◆ DESCRIPTION OF THE TASK:
Each line of the material that includes the string "pattern" counts once; report the total and nothing further.
+---+
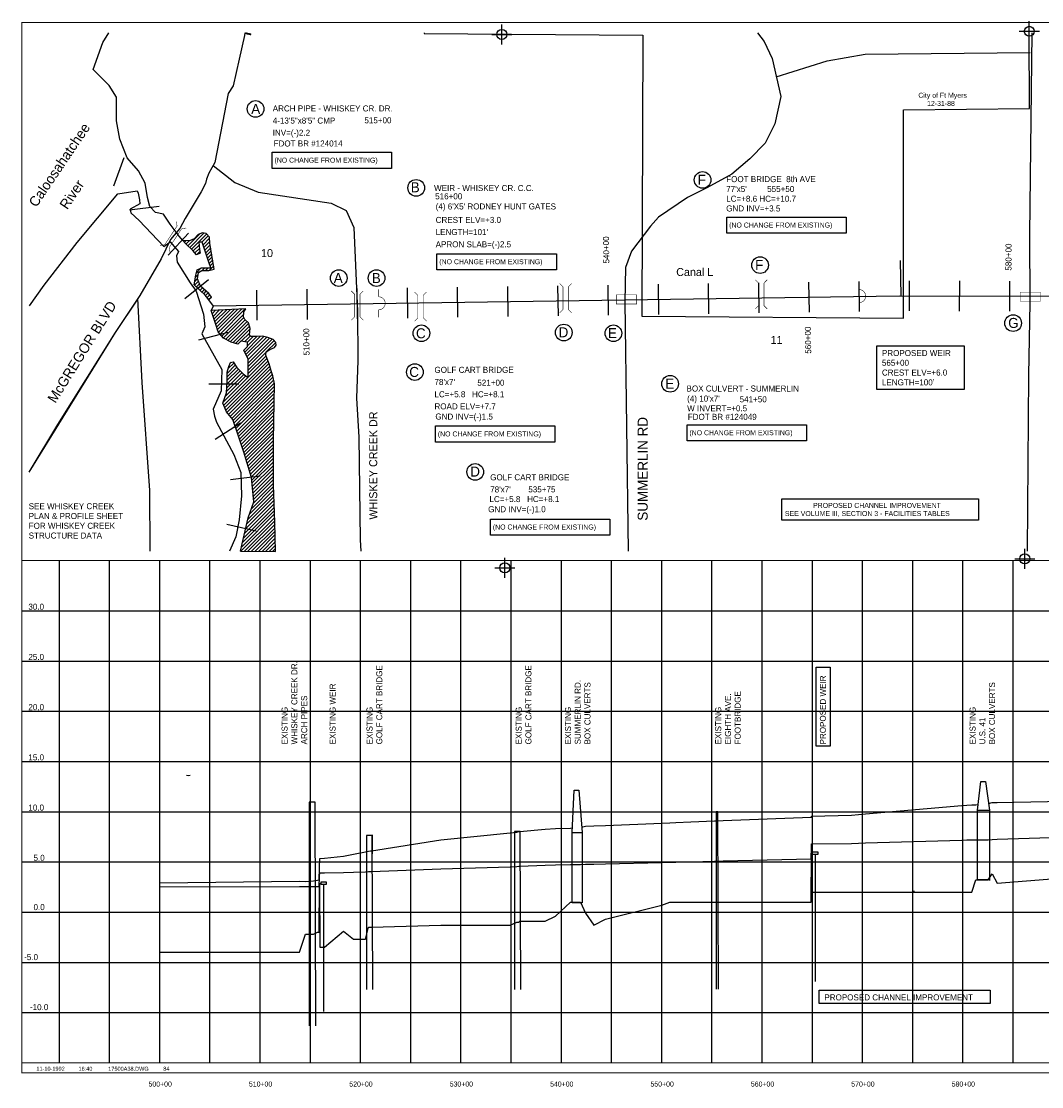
# Model space of a CAD drawing. Extents: x 204874 to 220884, y 807713 to 818458.
# Tile 1 of 2: x 204874 to 215039, y 807827 to 818436. Entities that reach past the tile are written whole.
import ezdxf
from ezdxf.enums import TextEntityAlignment as Align

# ---------------------------------------------------------------- set-up
doc = ezdxf.new("R2010")
doc.units = 0
doc.header["$LTSCALE"] = 800
doc.header["$PDMODE"] = 34
doc.header["$PDSIZE"] = 100
doc.linetypes.add('DASHED', pattern=[0])
doc.linetypes.add('STREAM', pattern=[0])
doc.layers.get('0').update_dxf_attribs({"linetype": 'CONTINUOUS'})
for name, color, linetype in [('BORDER', 1, 'CONTINUOUS'), ('CITY', 10, 'DASHED'), ('GRID', 2, 'CONTINUOUS'), ('MAJROADS', 9, 'CONTINUOUS'), ('PROPOSED', 7, 'CONTINUOUS'), ('SEC', 2, 'CONTINUOUS'), ('STATIONS', 7, 'CONTINUOUS'), ('STRUCTTEXT', 7, 'CONTINUOUS'), ('STRUCTURES', 1, 'CONTINUOUS'), ('TEXT', 7, 'CONTINUOUS'), ('TRUNKS', 5, 'STREAM'), ('WATER', 4, 'CONTINUOUS'), ('WETDBA', 12, 'CONTINUOUS'), ('WETFILL', 8, 'CONTINUOUS'), ('WSHEDS', 3, 'CONTINUOUS')]:
    doc.layers.add(name, color=color, linetype=linetype)

# ---------------------------------------------------------------- blocks, each defined once
blk = doc.blocks.new('BOX')
at = {"layer": 'STRUCTURES', "color": 0, "const_width": 20}
blk.add_lwpolyline([(-377, -171), (433, -171), (433, 189), (-377, 189)], close=True, dxfattribs=at)
blk = doc.blocks.new('BRIDGE')
at = {"layer": 'STRUCTURES', "color": 0, "const_width": 20}
for points in [[(-234, -534), (-101, -402), (-101, 496), (-234, 629)], [(244, -534), (112, -402), (112, 496), (244, 629)]]:
    blk.add_lwpolyline(points, dxfattribs=at)
blk = doc.blocks.new('WEIR')
at = {"layer": 'STRUCTURES', "color": 0, "const_width": 30}
blk.add_lwpolyline([(13, 761), (13, 358, -1), (13, -332), (13, -734)], format="xyb", dxfattribs=at)
blk = doc.blocks.new('LOGON')
at = {"color": 0}
blk.add_attdef('DATE', text='', height=1, dxfattribs=at).set_placement((-1.87, 1.76), align=Align.RIGHT)
for tag, p in [('TIME', (1.56, 1.76)), ('DRAWING', (8.97, 1.76)), ('OPERATOR', (22.66, 1.76))]:
    blk.add_attdef(tag, p, '', height=1, dxfattribs=at)
blk = doc.blocks.new('*X')
at = {"color": 0}
for p, q in [((206499, 816237), (206513, 816251)), ((206516, 816219), (206548, 816250)), ((206534, 816201), (206652, 816319)), ((206552, 816184), (206694, 816327)), ((206570, 816167), (206721, 816318)), ((206674, 816235), (206737, 816299)), ((206685, 816211), (206750, 816276)), ((206587, 816149), (206646, 816207)), ((206603, 816129), (206648, 816174)), ((206620, 816111), (206652, 816143)), ((206693, 816184), (206753, 816243)), ((206702, 816158), (206756, 816211)), ((206711, 816131), (206761, 816181)), ((206720, 816104), (206766, 816151)), ((206728, 816078), (206772, 816121)), ((206737, 816051), (206777, 816091)), ((206746, 816025), (206782, 816060)), ((206618, 815932), (206666, 815980)), ((206676, 815955), (206702, 815981)), ((206712, 815955), (206736, 815980)), ((206749, 815957), (206792, 816000)), ((206756, 815999), (206787, 816030)), ((206796, 815969), (206797, 815970)), ((206600, 815808), (206640, 815848)), ((206603, 815846), (206631, 815874)), ((206609, 815888), (206636, 815914)), ((206619, 815791), (206650, 815822)), ((206637, 815774), (206661, 815798)), ((206655, 815757), (206679, 815781)), ((206674, 815740), (206698, 815765)), ((206692, 815723), (206717, 815748)), ((206710, 815705), (206736, 815732)), ((206725, 815685), (206752, 815713)), ((206739, 815664), (206768, 815693)), ((206768, 815551), (206773, 815556)), ((206776, 815524), (206810, 815558)), ((206784, 815497), (206847, 815560)), ((206793, 815471), (206884, 815561)), ((206803, 815445), (206921, 815563)), ((206812, 815419), (206958, 815565)), ((206821, 815392), (206995, 815566)), ((206829, 815366), (207032, 815568)), ((206839, 815340), (207069, 815570)), ((206855, 815320), (207106, 815571)), ((206871, 815301), (207090, 815520)), ((206886, 815281), (207091, 815486)), ((206909, 815268), (207105, 815464)), ((206932, 815256), (207123, 815447)), ((206956, 815244), (207140, 815429)), ((206981, 815235), (207148, 815401)), ((207008, 815226), (207155, 815373)), ((207066, 815249), (207151, 815334)), ((207097, 815244), (207156, 815303)), ((207100, 815141), (207258, 815299)), ((207111, 815117), (207290, 815296)), ((207127, 815239), (207185, 815297)), ((207128, 815204), (207222, 815298)), ((207122, 815093), (207319, 815289)), ((207133, 815068), (207346, 815281)), ((207133, 815033), (207372, 815272)), ((207134, 814998), (207393, 815257)), ((207318, 815147), (207409, 815238)), ((207391, 815185), (207402, 815196)), ((206887, 814645), (207323, 815081)), ((207134, 814963), (207313, 815142)), ((207135, 814929), (207312, 815105)), ((206891, 814614), (207333, 815056)), ((206901, 814589), (207342, 815030)), ((206911, 814563), (207350, 815002)), ((206923, 814540), (207358, 814975)), ((206924, 814930), (207006, 815012)), ((206925, 814895), (207021, 814991)), ((206936, 814977), (206992, 815033)), ((206955, 815032), (206964, 815040)), ((206905, 814699), (207111, 814904)), ((206919, 814748), (207091, 814920)), ((206921, 814786), (207073, 814937)), ((206924, 814824), (207055, 814955)), ((206926, 814861), (207038, 814973)), ((206939, 814521), (207367, 814948)), ((206955, 814501), (207376, 814922)), ((206971, 814482), (207383, 814894)), ((206984, 814459), (207389, 814864)), ((206993, 814433), (207395, 814835)), ((207002, 814407), (207396, 814801)), ((207011, 814381), (207395, 814765)), ((207021, 814355), (207394, 814728)), ((207030, 814328), (207394, 814692)), ((207039, 814302), (207393, 814656)), ((207048, 814276), (207392, 814620)), ((207056, 814249), (207392, 814584)), ((207065, 814222), (207391, 814549)), ((207073, 814195), (207391, 814513)), ((207082, 814169), (207390, 814477)), ((207091, 814142), (207390, 814441)), ((207099, 814115), (207389, 814405)), ((207107, 814088), (207389, 814369)), ((207116, 814061), (207388, 814333)), ((207124, 814034), (207388, 814297)), ((207132, 814007), (207387, 814261)), ((207141, 813980), (207387, 814226)), ((207149, 813953), (207387, 814191)), ((207157, 813926), (207387, 814155)), ((207166, 813899), (207387, 814120)), ((207170, 813867), (207387, 814084)), ((207172, 813835), (207387, 814049)), ((207175, 813802), (207387, 814014)), ((207178, 813770), (207387, 813978)), ((207181, 813738), (207387, 813943)), ((207184, 813705), (207387, 813907)), ((207184, 813634), (207386, 813837)), ((207187, 813673), (207386, 813872)), ((207129, 813473), (207390, 813734)), ((207145, 813524), (207388, 813768)), ((207165, 813579), (207387, 813802)), ((207090, 813292), (207395, 813598)), ((207100, 813338), (207394, 813632)), ((207109, 813383), (207393, 813666)), ((207119, 813428), (207391, 813700)), ((207061, 813158), (207399, 813496)), ((207068, 813200), (207398, 813530)), ((207079, 813246), (207397, 813564)), ((207097, 813158), (207401, 813462)), ((207132, 813158), (207402, 813428)), ((207167, 813158), (207402, 813393)), ((207202, 813157), (207403, 813358)), ((207238, 813157), (207404, 813324)), ((207273, 813157), (207404, 813289)), ((207308, 813157), (207405, 813254)), ((207343, 813157), (207406, 813220)), ((207378, 813157), (207407, 813185))]:
    blk.add_line(p, q, dxfattribs=at)
blk = doc.blocks.new('CHIMP')
at = {"layer": 'PROPOSED', "color": 0}
for p, q in [((-210, 1959), (0, 1959)), ((-210, 0), (-210, 1959)), ((0, 1959), (0, 0)), ((0, 0), (-210, 0))]:
    blk.add_line(p, q, dxfattribs=at)
for s, p in [('PROPOSED CHANNEL IMPROVEMENT', (-121, 312)), ('SEE VOLUME III, SECTION 3 - FACILITIES TABLES', (-40, 32))]:
    blk.add_text(s, height=50, rotation=90, dxfattribs=at).set_placement(p)
blk = doc.blocks.new('NC')
at = {"layer": 'PROPOSED', "color": 0}
for p, q in [((-193, 0), (0, 0)), ((-193, -1427), (-193, 0)), ((0, 0), (0, -1427)), ((0, -1427), (-193, -1427))]:
    blk.add_line(p, q, dxfattribs=at)
blk.add_text('(NO CHANGE FROM EXISTING)', height=60, rotation=270, dxfattribs=at).set_placement((-125, -28))

msp = doc.modelspace()

# ---------------------------------------------------------------- linework, layer by layer
at = {"layer": 'BORDER', "color": 0, "const_width": 10}
msp.add_lwpolyline([(204879, 807965), (220879, 807965), (220879, 818425), (204879, 818425)], close=True, dxfattribs=at)
for points in [[(204879, 813065), (220879, 813065)], [(204879, 808065), (220879, 808065)]]:
    msp.add_lwpolyline(points, dxfattribs=at)
at = {"layer": 'CITY', "color": 0}
msp.add_lwpolyline([(208889, 818320), (208889, 818315), (211064, 818297), (211056, 815500), (213663, 815481), (213661, 817553), (214917, 817566), (214915, 818320)], dxfattribs=at)
at = {"layer": 'GRID', "color": 0}
for points in [[(205254, 808065), (205254, 813065)], [(205754, 808065), (205754, 813065)], [(206254, 808065), (206254, 813065)], [(206754, 808065), (206754, 813065)], [(207254, 808065), (207254, 813065)], [(207754, 808065), (207754, 813065)], [(208254, 808065), (208254, 813065)], [(208754, 808065), (208754, 813065)], [(209254, 808065), (209254, 813065)], [(209754, 808065), (209754, 813065)], [(210254, 808065), (210254, 813065)], [(210754, 808065), (210754, 813065)], [(211254, 808065), (211254, 813065)], [(211754, 808065), (211754, 813065)], [(212254, 808065), (212254, 813065)], [(212754, 808065), (212754, 813065)], [(213254, 808065), (213254, 813065)], [(213754, 808065), (213754, 813065)], [(214254, 808065), (214254, 813065)], [(214754, 808065), (214754, 813065)], [(204879, 812565), (220879, 812565)], [(204879, 812065), (220879, 812065)], [(204879, 811565), (220879, 811565)], [(204879, 811065), (220879, 811065)], [(204879, 810565), (220879, 810565)], [(204879, 810065), (220879, 810065)], [(204879, 809565), (220879, 809565)], [(204879, 809065), (220879, 809065)], [(204879, 808565), (220879, 808565)]]:
    msp.add_lwpolyline(points, dxfattribs=at)
at = {"layer": 'MAJROADS', "color": 0}
for points in [[(207100, 818320), (207097, 818294), (207045, 818060), (206985, 817792), (206934, 817717), (206803, 817031), (206744, 816923), (206718, 816864), (206709, 816822), (206667, 816739), (206506, 816472), (206455, 816372), (206362, 816263), (206268, 816071), (206056, 815704), (205810, 815337), (205234, 814420), (204951, 813945)], [(212207, 818320), (212274, 818233), (212354, 818064), (212439, 817688), (212380, 817414), (212284, 817221), (212132, 817065), (211953, 816915), (211704, 816776), (211509, 816682), (211223, 816485), (211142, 816396), (210952, 816148), (210892, 815985), (210887, 815643), (210921, 813158)], [(214941, 818320), (214918, 816311), (214922, 815632), (214908, 814911), (214895, 813158)], [(212395, 817882), (212900, 818041), (213280, 818109), (214923, 818126)], [(206786, 817000), (207000, 816832), (207235, 816735), (207961, 816624), (208110, 816553), (208188, 816384), (208224, 815548), (208225, 815058), (208215, 814683), (208235, 814293), (208251, 813273), (208258, 813158)], [(206031, 815676), (206075, 814838), (206151, 813765), (206154, 813158)]]:
    msp.add_lwpolyline(points, dxfattribs=at)
at = {"layer": 'PROPOSED', "color": 0}
for p, q in [((213395, 814769), (213395, 815205)), ((213395, 815205), (214267, 815205)), ((214267, 815205), (214267, 814769)), ((214267, 814769), (213395, 814769)), ((212791, 811216), (212791, 812005)), ((212791, 812005), (212931, 812005)), ((212931, 812005), (212931, 811216)), ((212931, 811216), (212791, 811216)), ((208370, 810335), (208370, 810145)), ((208370, 810335), (208370, 810145)), ((212782, 810140), (212782, 808875)), ((207885, 809840), (207885, 808575)), ((207885, 809840), (207885, 808575)), ((212822, 808656), (212822, 808788)), ((212822, 808788), (214525, 808788)), ((214525, 808788), (214525, 808656)), ((214525, 808656), (212822, 808656))]:
    msp.add_line(p, q, dxfattribs=at)
at = {"layer": 'PROPOSED', "color": 0, "linetype": 'DASHED'}
for p, q in [((207742, 810659), (207742, 808434)), ((207800, 810659), (207742, 810659)), ((207742, 810659), (207742, 808434)), ((207800, 810659), (207742, 810659)), ((207809, 808434), (207800, 810659)), ((207809, 808434), (207800, 810659)), ((211795, 810565), (211795, 808799)), ((211812, 810565), (211795, 810565)), ((211812, 810559), (211795, 810559)), ((211819, 808799), (211812, 810565)), ((208312, 810329), (208312, 808793)), ((208370, 810329), (208312, 810329)), ((208370, 810329), (208312, 810329)), ((208312, 810329), (208312, 808793)), ((208376, 808793), (208370, 810329)), ((208376, 808793), (208370, 810329)), ((209787, 810369), (209787, 808793)), ((209845, 810369), (209787, 810369)), ((209845, 810369), (209787, 810369)), ((209851, 808793), (209845, 810369))]:
    msp.add_line(p, q, dxfattribs=at)
at = {"layer": 'PROPOSED', "color": 0}
for points in [[(214400, 810579), (214433, 810867), (214479, 810867), (214520, 810579)], [(210360, 810359), (210383, 810779), (210428, 810779), (210460, 810359)], [(214510, 810648), (214544, 810657), (214594, 810658), (215764, 810679), (215826, 810679), (215862, 810680), (215912, 810690), (215962, 810692), (217278, 810716), (217903, 810727), (217913, 810726), (217936, 810730), (217946, 810734), (218528, 810739), (219778, 810751), (220128, 810757)], [(210456, 810412), (210494, 810420), (210579, 810424), (210694, 810429), (211254, 810452), (211334, 810455), (211394, 810458), (211544, 810464), (211781, 810473), (211791, 810474), (211796, 810474), (211866, 810479), (212743, 810510), (212744, 810509), (212746, 810509), (212747, 810519), (213144, 810529), (213284, 810545), (214244, 810626), (214294, 810631), (214344, 810634), (214384, 810634), (214406, 810636)], [(214400, 809879), (214400, 810579), (214520, 810579), (214520, 809879)], [(206254, 809857), (207644, 809872), (207704, 809870), (207784, 809875), (207824, 809884), (207843, 809886), (207844, 810002), (207846, 810009), (207847, 810099), (207894, 810103), (208084, 810123), (208184, 810143), (208304, 810166), (208334, 810171), (208354, 810174), (208364, 810176), (209054, 810284), (209744, 810356), (209809, 810362), (209829, 810368), (209839, 810369), (210094, 810391), (210194, 810399), (210344, 810402), (210362, 810404)], [(206254, 809818), (207644, 809819), (207704, 809819), (207784, 809819), (207824, 809819), (207843, 809819), (207844, 809917), (207846, 809922), (207847, 809956), (207894, 809957), (208084, 809960), (208184, 809963), (208304, 809967), (208334, 809968), (208354, 809969), (208364, 809969), (209054, 809996), (209744, 810017), (209809, 810020), (209829, 810021), (209839, 810022), (210094, 810032), (210194, 810037), (210344, 810038), (210444, 810038), (210494, 810041), (210579, 810043), (210694, 810046), (211254, 810059), (211334, 810062), (211394, 810063), (211544, 810067), (211781, 810073), (211791, 810073), (211796, 810074), (211866, 810076), (212743, 810096), (212744, 810211), (212746, 810216), (212747, 810246), (213144, 810249), (213284, 810254), (214244, 810282), (214294, 810284), (214344, 810285), (214384, 810285), (214504, 810285), (214544, 810288), (214594, 810290), (215764, 810328)], [(210460, 809659), (210360, 809659), (210360, 810359), (210460, 810359), (210460, 809659)], [(214520, 809885), (214400, 809885)], [(213755, 809775), (213770, 809775)]]:
    msp.add_lwpolyline(points, dxfattribs=at)
at = {"layer": 'PROPOSED', "color": 0, "linetype": 'DASHED'}
msp.add_lwpolyline([(206254, 809165), (207644, 809165), (207704, 809345), (207784, 809345), (207824, 809365), (207843, 809365), (207844, 809855), (207846, 809855), (207847, 809215), (207894, 809215), (208084, 809375), (208184, 809295), (208304, 809295), (208334, 809415), (208354, 809415), (208364, 809415), (209054, 809435), (209744, 809435), (209809, 809465), (209829, 809465), (209839, 809475), (210094, 809475), (210194, 809525), (210344, 809665), (210444, 809665), (210494, 809555), (210579, 809435), (210694, 809495), (211254, 809635), (211334, 809665), (211394, 809665), (211544, 809665), (211781, 809665), (211791, 809665), (211796, 809665), (211866, 809665), (212743, 809665), (212744, 810165), (212746, 810165), (212747, 809765), (213144, 809765), (213284, 809765), (214244, 809765), (214294, 809765), (214344, 809765), (214384, 809885), (214504, 809885), (214544, 809945), (214594, 809855), (215764, 809945)], dxfattribs=at)
at = {"layer": 'PROPOSED', "color": 0}
for points in [[(212782, 810165), (212807, 810165), (212807, 810140), (212757, 810140), (212757, 810165)], [(207885, 809865), (207910, 809865), (207910, 809840), (207860, 809840), (207860, 809865)], [(207885, 809865), (207910, 809865), (207910, 809840), (207860, 809840), (207860, 809865)]]:
    msp.add_lwpolyline(points, close=True, dxfattribs=at)
at = {"layer": 'SEC', "color": 0}
for p in [(209661, 818305), (214915, 818336), (214870, 813083), (209691, 812993)]:
    msp.add_point(p, dxfattribs=at)
at = {"layer": 'STATIONS', "color": 0}
for p, q in [((205896, 817075), (205793, 816793)), ((206249, 816593), (205952, 816554)), ((206541, 816326), (206337, 816106)), ((206739, 815860), (206505, 815673)), ((211717, 815824), (211721, 815524)), ((212216, 815831), (212221, 815531)), ((212716, 815838), (212721, 815538)), ((213216, 815845), (213221, 815545)), ((213719, 815851), (213718, 815551)), ((214219, 815850), (214218, 815550)), ((214719, 815849), (214718, 815549)), ((207217, 815759), (207221, 815459)), ((207717, 815767), (207721, 815467)), ((208217, 815774), (208221, 815474)), ((208717, 815781), (208721, 815481)), ((209217, 815788), (209221, 815488)), ((209717, 815795), (209721, 815495)), ((210217, 815802), (210221, 815502)), ((210717, 815809), (210721, 815509)), ((211217, 815817), (211221, 815517)), ((206931, 815337), (206640, 815262)), ((207042, 814822), (206742, 814822)), ((207057, 814435), (206806, 814271)), ((207255, 813905), (206957, 813871)), ((207214, 813360), (206921, 813426))]:
    msp.add_line(p, q, dxfattribs=at)
at = {"layer": 'STRUCTTEXT', "color": 0}
for centre in [(207208, 817563), (211661, 816856), (208808, 816777), (212233, 816008), (208036, 815879), (208413, 815879), (214754, 815430), (208860, 815329), (210278, 815336), (210772, 815329), (208795, 814943), (211337, 814826), (209396, 813948)]:
    msp.add_circle(centre, 83.1, dxfattribs=at)
at = {"layer": 'TRUNKS', "color": 0}
for points in [[(213629, 816055), (213634, 815701)], [(206784, 815603), (213619, 815701), (220197, 815690)]]:
    msp.add_lwpolyline(points, dxfattribs=at)
at = {"layer": 'WATER', "color": 0}
for points in [[(206484, 816254), (206448, 816295), (206356, 816417), (206290, 816515), (206211, 816532), (206154, 816593), (206130, 816680), (206108, 816825), (206042, 816947), (205929, 817076), (205855, 817261), (205823, 817445), (205824, 817680), (205749, 817797), (205591, 817957), (205685, 818225), (205746, 818320)], [(204957, 815603), (205102, 815808), (205431, 816233), (205835, 816717), (206028, 816749), (206040, 816724), (206053, 816658), (206054, 816619), (205960, 816566), (205967, 816527), (206050, 816453), (206295, 816194), (206356, 816238), (206439, 816144), (206420, 816101), (206427, 816037), (206556, 815831), (206615, 815750), (206690, 815521), (206702, 815392), (206673, 815322), (206871, 814967), (206865, 814755), (206785, 814572), (206798, 814502), (206818, 814445), (206992, 814123), (207060, 813944), (207067, 813712), (207044, 813470), (207012, 813302), (206947, 813158)], [(206742, 815661), (206707, 815709), (206598, 815811), (206613, 815909), (206625, 815962), (206669, 815982), (206735, 815980), (206763, 815982), (206741, 816038), (206677, 816235), (206642, 816237), (206647, 816204), (206649, 816163), (206656, 816126), (206618, 816110), (206583, 816154), (206511, 816223), (206484, 816254)], [(207058, 813158), (207086, 813276), (207133, 813492), (207190, 813650), (207167, 813894), (207090, 814145), (207041, 814295), (206980, 814472), (206918, 814546), (206883, 814633), (206918, 814736), (206926, 814845), (206924, 814941), (206943, 814998), (206958, 815039), (206984, 815044), (207022, 814989), (207085, 814924), (207124, 814894), (207135, 814896), (207133, 815071), (207091, 815162), (207128, 815197), (207128, 815239), (207062, 815249), (207030, 815219), (206964, 815240), (206887, 815279), (206837, 815342), (206813, 815417), (206784, 815497), (206767, 815556), (206788, 815598), (206742, 815661)]]:
    msp.add_lwpolyline(points, dxfattribs=at)
at = {"layer": 'WETDBA', "color": 0}
for points in [[(206797, 815969), (206754, 816222), (206749, 816285), (206716, 816323), (206680, 816329), (206637, 816314), (206595, 816270), (206550, 816250), (206486, 816252)], [(206740, 815664), (206770, 815690), (206742, 815726), (206659, 815799), (206630, 815871), (206638, 815933), (206673, 815955), (206714, 815955), (206742, 815955), (206797, 815969)], [(207407, 813157), (207401, 813447), (207386, 813819), (207387, 814261), (207393, 814641), (207396, 814827), (207381, 814905), (207364, 814955), (207343, 815026), (207325, 815076), (207309, 815112), (207313, 815143), (207349, 815169), (207395, 815186), (207413, 815210), (207411, 815236), (207384, 815268), (207330, 815287), (207276, 815299), (207220, 815298), (207162, 815296), (207149, 815312), (207155, 815375), (207139, 815433), (207102, 815467), (207088, 815492), (207091, 815542), (207110, 815571), (206767, 815556)], [(206767, 815556), (206767, 815556)], [(207058, 813158), (207407, 813157)], [(206519, 810929), (206538, 810926), (206556, 810929)]]:
    msp.add_lwpolyline(points, dxfattribs=at)
at = {"layer": 'WSHEDS', "color": 0, "const_width": 60}
msp.add_lwpolyline([(207137, 818320), (207133, 818302)], dxfattribs=at)
at = {"layer": 'WSHEDS', "color": 0}
msp.add_lwpolyline([(206032, 815669), (205810, 815337), (204951, 813945)], dxfattribs=at)

# ---------------------------------------------------------------- block references
at = {"layer": 'PROPOSED', "color": 0, "xscale": 0.83333333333, "yscale": 0.83333333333, "zscale": 0.83333333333, "rotation": 90}
for p in [(207373, 817132), (211902, 816486), (209015, 816121), (209000, 814406), (211506, 814418), (209548, 813479)]:
    msp.add_blockref('NC', p, dxfattribs=at)
at = {"layer": 'PROPOSED', "color": 0, "xscale": 0.1875, "yscale": 0.1875, "zscale": 0.1875}
msp.add_blockref('WEIR', (213218, 815697), dxfattribs=at)
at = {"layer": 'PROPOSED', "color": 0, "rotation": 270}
+---+
◆ TASK RESPONSE:
2